[Data items]

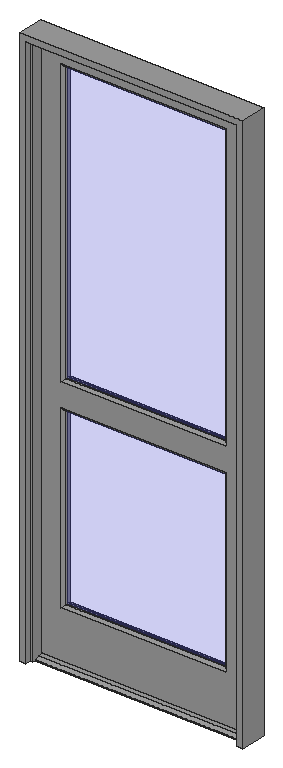
Revit family "MS-375 PIVOT DOOR-VIP-0.25-CW_v05", category Curtain Panels, Revit 2015
Parameters
  Width [instance] = 3' - 2"
  VIP2 Panic Devices [instance] = not(VIP1 Panic Devices)  # yes
  URL = "obe.com"
  Rough Width [instance] = 3' - 2"
  Panel Width [instance] = [Min-Max Panel Width]  # 3' - 0"
  Panel Offset [instance] = 0' - 0"
  Offset [instance] = 0' - 1"
  Model = "MS-375 DOOR"
  Min-Max Rough Width [instance] = if(and((Rough Width > 3' 1 255/256"), (Rough Width < 3' 8 1/256")), Rough Width, 3' 8")  # 3' - 2"
  Min-Max Panel Width [instance] = if(and((Rough Width > 3' 1 255/256"), (Rough Width < 3' 8 1/256")), Rough Width - 0' 2", 3' 6")  # 3' - 0"
  Manufacturer = "Oldcastle BuildingEnvelope®"
  Keynote = "08 11 00"
  Height [instance] = 8' - 0"
  Pushbar Height [instance] = 3' - 5 1/4"  # constant formula
  Glass Material = Glass
  Frame Material = Aluminum
  Door Panel Height [instance] = Height - 0' 0 5/8"  # 7' - 11 3/8"
  Description = "MS-375 - 1/4\" Door Infill"
  Assembly Code = "B2030"
  Analytic Construction = "<None>"
  VIP1 Panic Devices [instance] = no
  10 Bottom Rail [instance] = not([8 Bottom Rail])  # no
  8 Bottom Rail [instance] = yes
Reference planes (in)
  plane 1 "Front": y = 0
  plane 2: z = 0
  plane 3 "Center (Left/Right)": x = 0
  plane 4 "Left": x = -19
  plane 5 "Right": x = 19
  plane 6 "Top": z = 96
  plane 7 "Offset": y = -1
  plane 8: y = -2.28244
  plane 9: y = -2.28244
  plane 10: x = -19
  plane 11: x = 19
Forms (in)
  Sweep 1, solid, material "Aluminum" <- "Frame Material"
    path origin (0, -1, 0) x (-1, 0, 0) y (0, 0, 1)
      loop
        line (19, 0) -> (19, 96)
    profile origin (-19, -1, 48) x (1, 0, 0) y (0, 1, 0)
      loop
        line (1, -1.97) -> (1, 0) -> (0, 0) -> (0, -4.5) -> (1, -4.5) -> (1, -3.595) -> (1.5, -3.595) -> (1.5, -1.97) -> (1, -1.97)
  Sweep 2, solid, material "Aluminum" <- "Frame Material"
    path origin (0, -1, 0) x (-1, 0, 0) y (0, 0, 1)
      loop
        line (-19, 0) -> (-19, 96)
    profile origin (19, -1, 48) x (1, 0, 0) y (0, 1, 0)
      loop
        line (-1, -1.97) -> (-1.5, -1.97) -> (-1.5, -3.595) -> (-1, -3.595) -> (-1, -4.5) -> (0, -4.5) -> (0, 0) -> (-1, 0) -> (-1, -1.97)
  Extrusion 3, solid, material "Aluminum" <- "Frame Material"
    sketch origin (-19, 0, 0) x (0, -1, 0) y (0, 0, 1)
      loop
        line (2.97, 94.5) -> (4.595, 94.5) -> (4.595, 95) -> (5.5, 95) -> (5.5, 96) -> (1, 96) -> (1, 95) -> (2.97, 95) -> (2.97, 94.5)
    from -38 to 0
Cuts and joins
  joined: Sweep 1, Sweep 2, Extrusion 3
Text (in)
  text "Exterior" at (-54.29358, 31.38743, 0), in view "Ref. Level"
  text "Exterior" at (480, 41.53993, 89.60405), in view "Right"
  text "Exterior" at (-240, 57.82419, 105.78864), in view "Left"
Dimensions and locks (in)
  equal spacing: plane 4 "Left", plane 3 "Center (Left/Right)", plane 5 "Right"
  "Width": plane 4 "Left" to plane 5 "Right"
  "Height": plane 6 "Top" to plane 2
  "Offset": plane 1 "Front" to plane 7 "Offset"
  locked: plane 7 "Offset" to plane 8 at 1.28244
  locked: plane 7 "Offset" to plane 9 at 1.28244
  Extrusion 3 sketch curve to Extrusion 3 sketch curve to Extrusion 3 sketch curve = 0' - 0 1/2" locked, 0' - 0" locked
  Extrusion 3 sketch curve to Extrusion 3 sketch curve to Extrusion 3 sketch curve to Extrusion 3 sketch curve = 0' - 1.97" locked, 0' - 1 5/8" locked, 0' - 0.905" locked
  locked: Extrusion 3 sketch curve to Extrusion 3 sketch curve at 1
  equal spacing: plane 10, plane 3 "Center (Left/Right)", plane 11
  "Min-Max Rough Width": plane 10 to plane 11
  aligned and locked: level to plane 2
  aligned and locked: plane 6 "Top" to Sweep 1 sketch curve
  aligned and locked: level to Sweep 1 sketch curve
  aligned and locked: plane 6 "Top" to Sweep 2 sketch curve
  aligned and locked: level to Sweep 2 sketch curve
  aligned and locked: Extrusion 3 to plane 6 "Top"
  aligned and locked: Extrusion 3 sketch curve to plane 6 "Top"
  aligned and locked: plane 3 "Center (Left/Right)" to nested 1
  aligned and locked: nested 1 to plane 7 "Offset"  (x2)
  aligned and locked: plane 10 to Sweep 1 sketch curve
  aligned and locked: Sweep 2 sketch curve to plane 11
  aligned and locked: plane 11 to cut or joined group of Sweep 1, Sweep 2, Extrusion 3
  aligned and locked: plane 10 to cut or joined group of Sweep 1, Sweep 2, Extrusion 3
Automatic sketch dimensions
  Sweep 1 sketch curve to profile plane = 0' - 0"
  Sweep 1 sketch curve to plane 7 "Offset" = 0' - 0"
  Sweep 1 sketch curve to profile plane = 0' - 1"  (x2)
  Sweep 1 sketch curve to Sweep 1 sketch curve = 0' - 0 1/2"
  Sweep 1 sketch curve to plane 7 "Offset" = 0' - 1.97"
  Sweep 1 sketch curve to Sweep 1 sketch curve = 0' - 1 5/8"
  Sweep 1 sketch curve to Sweep 1 sketch curve = 0' - 0.905"
  Sweep 2 sketch curve to plane 7 "Offset" = 0' - 0"
  Sweep 2 sketch curve to profile plane = 0' - 0"
  profile plane to Sweep 2 sketch curve = 0' - 1"  (x2)
  Sweep 2 sketch curve to Sweep 2 sketch curve = 0' - 0 1/2"
  Sweep 2 sketch curve to plane 7 "Offset" = 0' - 1.97"
  Sweep 2 sketch curve to Sweep 2 sketch curve = 0' - 1 5/8"
  Sweep 2 sketch curve to Sweep 2 sketch curve = 0' - 0.905"
  Extrusion 3 sketch curve to plane 7 "Offset" = 0' - 0"
Nested families (in)
  nested 1: "MS-375 PIVOT DOOR-VIP-0.25-Panel_v04" at (0, -17, 0), Height <- "Door Panel Height", Frame Material <- "Frame Material", Glass Material <- "Glass Material", Width <- "Min-Max Panel Width", VIP1 Panic Devices <- "VIP1 Panic Devices", 8 Bottom Rail <- "8 Bottom Rail", type "MS-375 PIVOT DOOR-VIP-0.25-Panel_v04"
    with built-in parameter 1001301 3' - 0", VIP1 Panic Devices no, Pushbar Height 3' - 5 1/4", Offset 0' - 0", built-in parameter 1001300 7' - 11 3/8", Glass at Muntin 0' - 4 9/16", Glass Material Glass, Frame Material Aluminum, Bottom Rail 0' - 8 31/32", 8 Bottom Rail yes
Definition of nested family "MS-375 PIVOT DOOR-VIP-0.25-Panel_v04"
  Parameters (values of type "MS-375 PIVOT DOOR-VIP-0.25-Panel_v04")
    Width [instance] = 4' - 0"
    VIP1 Panic Devices [instance] = yes
    Offset [instance] = 0' - 10 29/32"
    Height [instance] = 8' - 0"
    Glass at Muntin [instance] = if(VIP1 Panic Devices, 0' 8 9/16", 0' 4 9/16")  # 0' - 8 9/16"
    Pushbar Height [instance] = 3' - 5 1/4"  # constant formula
    Glass Material [instance] = none
    Frame Material [instance] = none
    Bottom Rail [instance] = if([8 Bottom Rail], 0' 8 31/32", 0' 10 31/32")  # 0' - 8 31/32"
    Analytic Construction = "<None>"
    8 Bottom Rail [instance] = yes
  Reference planes (in)
    plane 1 "00": y = 4.09375
    plane 2: z = 0
    plane 3 "Center (Left/Right)": x = 0
    plane 4: z = 96
    plane 5: x = 24
    plane 6: x = -24
    plane 7 "Center (Front/Back)": y = 16
    plane 8 "Exterior": y = 4.21875
    plane 9: z = 48
    plane 10: z = 92.21875
    plane 11: x = 19.87979
    plane 12: x = -19.87021
    plane 13: y = 5.09375
    plane 14: z = 45.53125
    plane 15: z = 36.96875
    plane 16: z = 92.21875
    plane 17: z = 41.25
  Forms (in)
    Sweep 1, solid, material <- "Frame Material"
      path origin (0, 4.09375, 0) x (1, 0, 0) y (0, 0, 1)
        loop
          line (-23.79133, 96) -> (23.80204, 96)
      profile origin (0.00535, 4.09375, 96) x (0, 0, 1) y (0, -1, 0)
        loop
          line (-0.375, -0.875) -> (-0.375, 0.875) -> (-3.49593, 0.875) -> (-4, 0.45204) -> (-4, 0.125) -> (-3.78125, 0.125) -> (-3.78125, -0.125) -> (-4, -0.125) -> (-4, -0.45204) -> (-3.49593, -0.875) -> (-0.375, -0.875)
    Extrusion 2, solid, material <- "Glass Material"
      sketch origin (0, 0, 0) x (0, 1, 0) y (0, 0, 1)
        loop
          line (4.21875, 36.96875) -> (3.96875, 36.96875) -> (3.96875, 8.96875) -> (4.21875, 8.96875) -> (4.21875, 36.96875)
      from -19.87021 to 19.87979
    Sweep 3, solid, material <- "Frame Material"
      path origin (0, 4.09375, 0) x (1, 0, 0) y (0, 0, 1)
        loop
          line (23.80204, 0) -> (-23.79133, 0)
      profile origin (0.00535, 4.09375, 0) x (0, 0, -1) y (0, -1, 0)
        loop
          line (-8.68343, -0.875) -> (-0.6875, -0.875) -> (-0.6875, 0.875) -> (-8.68343, 0.875) -> (-9.1875, 0.45204) -> (-9.1875, 0.125) -> (-8.96875, 0.125) -> (-8.96875, -0.125) -> (-9.1875, -0.125) -> (-9.1875, -0.45204) -> (-8.68343, -0.875)
    Sweep 4, solid, material <- "Frame Material"
      path origin (0, 4.09375, 0) x (1, 0, 0) y (0, 0, 1)
        loop
          line (24, 95.625) -> (24, 0.6875)
      profile origin (24, 4.09375, 48.15625) x (0, -1, 0) y (1, 0, 0)
        loop
          line (0.875, -0.19796) -> (-0.875, -0.08896) -> (-0.875, -3.83489) -> (-0.45204, -4.33896) -> (-0.125, -4.33896) -> (-0.125, -4.12021) -> (0.125, -4.12021) -> (0.125, -4.33896) -> (0.45204, -4.33896) -> (0.875, -3.83489) -> (0.875, -0.19796)
    Sweep 5, solid, material <- "Frame Material"
      path origin (0, 4.09375, 0) x (1, 0, 0) y (0, 0, 1)
        loop
          line (-24, 95.625) -> (-24, 0.6875)
      profile origin (-24, 4.09375, 48.15625) x (0, -1, 0) y (1, 0, 0)
        loop
          line (-0.875, 0.09967) -> (0.875, 0.20867) -> (0.875, 3.84447) -> (0.45204, 4.34854) -> (0.125, 4.34854) -> (0.125, 4.12979) -> (-0.125, 4.12979) -> (-0.125, 4.34854) -> (-0.45204, 4.34854) -> (-0.875, 3.84447) -> (-0.875, 0.09967)
    Extrusion 6, solid, material <- "Glass Material"
      sketch origin (0, 0, 0) x (0, 1, 0) y (0, 0, 1)
        loop
          line (3.96875, 92.21875) -> (3.96875, 45.53125) -> (4.21875, 45.53125) -> (4.21875, 92.21875) -> (3.96875, 92.21875)
      from -19.87021 to 19.87979
    Sweep 7, solid, material <- "Frame Material"
      path origin (0, 4.09375, 0) x (1, 0, 0) y (0, 0, 1)
        loop
          line (23.80204, 48) -> (-23.79133, 48)
      profile origin (0.00535, 4.09375, 48) x (0, 0, -1) y (0, -1, 0)
        loop
          line (2.25, 0.45204) -> (2.25, 0.125) -> (2.46875, 0.125) -> (2.46875, -0.125) -> (2.25, -0.125) -> (2.25, -0.45204) -> (2.75407, -0.875) -> (10.74593, -0.875) -> (11.25, -0.45204) -> (11.25, -0.125) -> (11.03125, -0.125) -> (11.03125, 0.125) -> (11.25, 0.125) -> (11.25, 0.45204) -> (10.74593, 0.875) -> (2.75407, 0.875) -> (2.25, 0.45204)
    Sweep 8, solid, material <- "Frame Material"
      path origin (0, 4.09375, 0) x (1, 0, 0) y (0, 0, 1)
        loop
          line (-23.79133, 0) -> (23.80167, 0)
      profile origin (0.00517, 4.09375, 0) x (0, 0, 1) y (0, -1, 0)
        loop
          line (0.5, 1.5305) -> (0.19364, 2.1875) -> (0, 2.1875) -> (0, -1.8125) -> (0.19364, -1.8125) -> (0.5, -1.1555) -> (0.5, 1.5305)
  Cuts and joins
    joined: Sweep 1, Sweep 3, Sweep 4, Sweep 5, Sweep 7
  Lines and regions (in)
    model lines
      curve 1: line (19.87979, 4.09375, 92.21875) -> (-19.87021, 4.09375, 48)
      curve 2: line (-19.87021, 4.09375, 48) -> (19.87979, 4.09375, 8.96875)
  Dimensions and locks (in)
    "Height": plane 4 to level
    "Width": plane 6 to plane 5
    Extrusion 2 sketch curve to plane 1 "00" to Extrusion 2 sketch curve = 0' - 0 1/8" locked, 0' - 0 1/8" locked
    "Bottom Rail": Extrusion 2 sketch curve to level
    locked: plane 11 to plane 5 at 4.12021
    locked: plane 6 to plane 12 at 4.12979
    "Offset": plane 13 to plane 7 "Center (Front/Back)"
    plane 1 "00" to plane 8 "Exterior" to plane 13 = 0' - 0 1/8" locked, 0' - 0 7/8" locked
    equal spacing: level, plane 9, plane 4
    locked: Sweep 3 sketch curve to plane 6 at 0.20867
    locked: plane 5 to Sweep 3 sketch curve at 0.19796
    locked: Sweep 4 sketch curve to plane 4 at 0.375
    locked: Sweep 5 sketch curve to plane 4 at 0.375
    locked: Sweep 1 sketch curve to plane 6 at 0.20867
    locked: plane 5 to Sweep 1 sketch curve at 0.19796
    "Bottom Rail": Sweep 3 sketch curve to level
    Sweep 3 sketch curve to Sweep 3 sketch curve to Sweep 3 sketch curve to Sweep 3 sketch curve to Sweep 3 sketch curve = 0' - 0" locked, 0' - 0 7/32" locked, 0' - 0.28532" locked, 0' - 0" locked
    Extrusion 6 sketch curve to plane 1 "00" to Extrusion 6 sketch curve = 0' - 0 1/8" locked, 0' - 0 1/8" locked
    locked: plane 5 to Sweep 7 sketch curve at 0.19796
    locked: Sweep 7 sketch curve to plane 6 at 0.20867
    locked: plane 4 to plane 10 at 3.78125
    equal spacing: plane 6, plane 3 "Center (Left/Right)", plane 5
    locked: plane 16 to plane 4 at 3.78125
    "Glass at Muntin": plane 15 to plane 14
    locked: Sweep 7 sketch curve to plane 14 at 0.21875
    locked: Sweep 7 sketch curve to plane 15 at 0.21875  (x2)
    locked: plane 14 to Sweep 7 sketch curve at 0.21875
    equal spacing: plane 15, plane 17, plane 14
    "Pushbar Height": plane 2 to plane 17
    locked: plane 5 to Sweep 8 sketch curve at 0.19833
    locked: Sweep 8 sketch curve to plane 6 at 0.20867
    locked: Sweep 5 sketch curve to plane 2 at 0.6875
    locked: Sweep 4 sketch curve to plane 2 at 0.6875
    aligned and locked: plane 2 to level
    aligned and locked: Sweep 1 sketch curve to plane 4
    aligned and locked: Sweep 3 sketch curve to level
    aligned and locked: plane 5 to Sweep 4 sketch curve
    aligned and locked: plane 6 to Sweep 5 sketch curve
    aligned and locked: Sweep 7 sketch curve to plane 9
    aligned and locked: plane 11 to Extrusion 6
    aligned and locked: Extrusion 6 to plane 12
    aligned and locked: plane 11 to Extrusion 2
    aligned and locked: Extrusion 2 to plane 12
    aligned and locked: Extrusion 2 to curve 2
    aligned and locked: plane 9 to curve 2
    aligned and locked: Extrusion 6 to curve 2
    aligned and locked: Extrusion 6 to cut or joined group of Sweep 1, Sweep 3, Sweep 4, Sweep 5, Sweep 7
    aligned and locked: plane 14 to Extrusion 6
    aligned and locked: Extrusion 6 to plane 16
    aligned and locked: Extrusion 2 to plane 15
    aligned and locked: Sweep 8 sketch curve to plane 2
  Automatic sketch dimensions
    profile plane to Sweep 1 sketch curve = 0' - 0 3/8"
    Sweep 1 sketch curve to plane 1 "00" = 0' - 0 7/8"
    Sweep 1 sketch curve to Sweep 1 sketch curve = 0' - 3.12093"
    Sweep 1 sketch curve to plane 1 "00" = 0' - 0.45204"
    Sweep 1 sketch curve to Sweep 1 sketch curve = 0' - 0.50407"  (x2)
    Sweep 1 sketch curve to plane 1 "00" = 0' - 0 1/8"
    Sweep 1 sketch curve to Sweep 1 sketch curve = 0' - 0 7/32"  (x2)
    plane 1 "00" to Sweep 1 sketch curve = 0' - 0 1/8"
    plane 1 "00" to Sweep 1 sketch curve = 0' - 0 7/8"
    Sweep 1 sketch curve to Sweep 1 sketch curve = 0' - 0.32704"
    level to Extrusion 6 sketch curve = 3' - 9 17/32"
    Extrusion 6 sketch curve to plane 4 = 0' - 3 25/32"
    Sweep 5 sketch curve to plane 1 "00" = 0' - 0 7/8"
    Sweep 5 sketch curve to plane 1 "00" = 0' - 0.45204"
    Sweep 5 sketch curve to plane 1 "00" = 0' - 0 1/8"
    plane 1 "00" to Sweep 5 sketch curve = 0' - 0 1/8"
    Sweep 5 sketch curve to Sweep 5 sketch curve = 0' - 0.32704"
    Sweep 5 sketch curve to Sweep 5 sketch curve = 0' - 0.42296"
    Sweep 5 sketch curve to profile plane = 0' - 3.84447"
    Sweep 5 sketch curve to Sweep 5 sketch curve = 0' - 0"
    Sweep 5 sketch curve to Sweep 5 sketch curve = 0' - 0.28532"
    Sweep 5 sketch curve to Sweep 5 sketch curve = 0' - 0 7/32"  (x2)
    Sweep 5 sketch curve to profile plane = 0' - 0.20867"
    Sweep 5 sketch curve to profile plane = 0' - 0.09967"
    curve 1 to plane 4 = 0' - 3 25/32"
    Sweep 7 sketch curve to Sweep 7 sketch curve = 0' - 0 7/32"  (x2)
    Sweep 7 sketch curve to plane 1 "00" = 0' - 0 7/8"
    Sweep 7 sketch curve to plane 1 "00" = 0' - 0.45204"  (x2)
    Sweep 7 sketch curve to plane 1 "00" = 0' - 0 1/8"  (x2)
    plane 1 "00" to Sweep 7 sketch curve = 0' - 0 1/8"  (x2)
    Sweep 7 sketch curve to Sweep 7 sketch curve = 0' - 0.32704"  (x2)
    Sweep 7 sketch curve to Sweep 7 sketch curve = 0' - 0.42296"
    Sweep 7 sketch curve to Sweep 7 sketch curve = 0' - 0.50407"  (x2)
    Sweep 7 sketch curve to Sweep 7 sketch curve = 0' - 0.28532"  (x2)
    Sweep 8 sketch curve to profile plane = 0' - 0.19364"  (x2)
    Sweep 8 sketch curve to plane 1 "00" = 0' - 1 13/16"
    Sweep 8 sketch curve to profile plane = 0' - 0 1/2"
    Sweep 8 sketch curve to Sweep 8 sketch curve = 0' - 0.657"  (x2)
    plane 1 "00" to Sweep 8 sketch curve = 0' - 2 3/16"
    profile plane to Sweep 8 sketch curve = 0' - 0"
    profile plane to Sweep 4 sketch curve = 0' - 0.08896"
    Sweep 4 sketch curve to plane 1 "00" = 0' - 0 7/8"
    Sweep 4 sketch curve to plane 1 "00" = 0' - 0.45204"
    Sweep 4 sketch curve to plane 1 "00" = 0' - 0 1/8"
    plane 1 "00" to Sweep 4 sketch curve = 0' - 0 1/8"
    Sweep 4 sketch curve to Sweep 4 sketch curve = 0' - 0.32704"
    Sweep 4 sketch curve to Sweep 4 sketch curve = 0' - 0.42296"
    profile plane to Sweep 4 sketch curve = 0' - 0.19796"
    Sweep 4 sketch curve to Sweep 4 sketch curve = 0' - 3.74593"
    Sweep 4 sketch curve to Sweep 4 sketch curve = 0' - 0"
    Sweep 4 sketch curve to Sweep 4 sketch curve = 0' - 0.28532"
    Sweep 4 sketch curve to Sweep 4 sketch curve = 0' - 0 7/32"  (x2)
    curve 2 to plane 11 = 0' - 0"
    curve 1 to plane 11 = 0' - 0"
    plane 15 to Extrusion 2 sketch curve = 0' - 0"
    profile plane to Sweep 3 sketch curve = 0' - 0 11/16"
    Sweep 3 sketch curve to plane 1 "00" = 0' - 0 7/8"
    Sweep 3 sketch curve to plane 1 "00" = 0' - 0.45204"
    Sweep 3 sketch curve to plane 1 "00" = 0' - 0 1/8"
    plane 1 "00" to Sweep 3 sketch curve = 0' - 0 1/8"
    Sweep 3 sketch curve to Sweep 3 sketch curve = 0' - 0.32704"
    Sweep 3 sketch curve to Sweep 3 sketch curve = 0' - 0.42296"

- [Your assignment]: Search the records for the word "Analytic". Copy every line that has it.

- [Written solution]:
  Analytic Construction = "<None>"
    Analytic Construction = "<None>"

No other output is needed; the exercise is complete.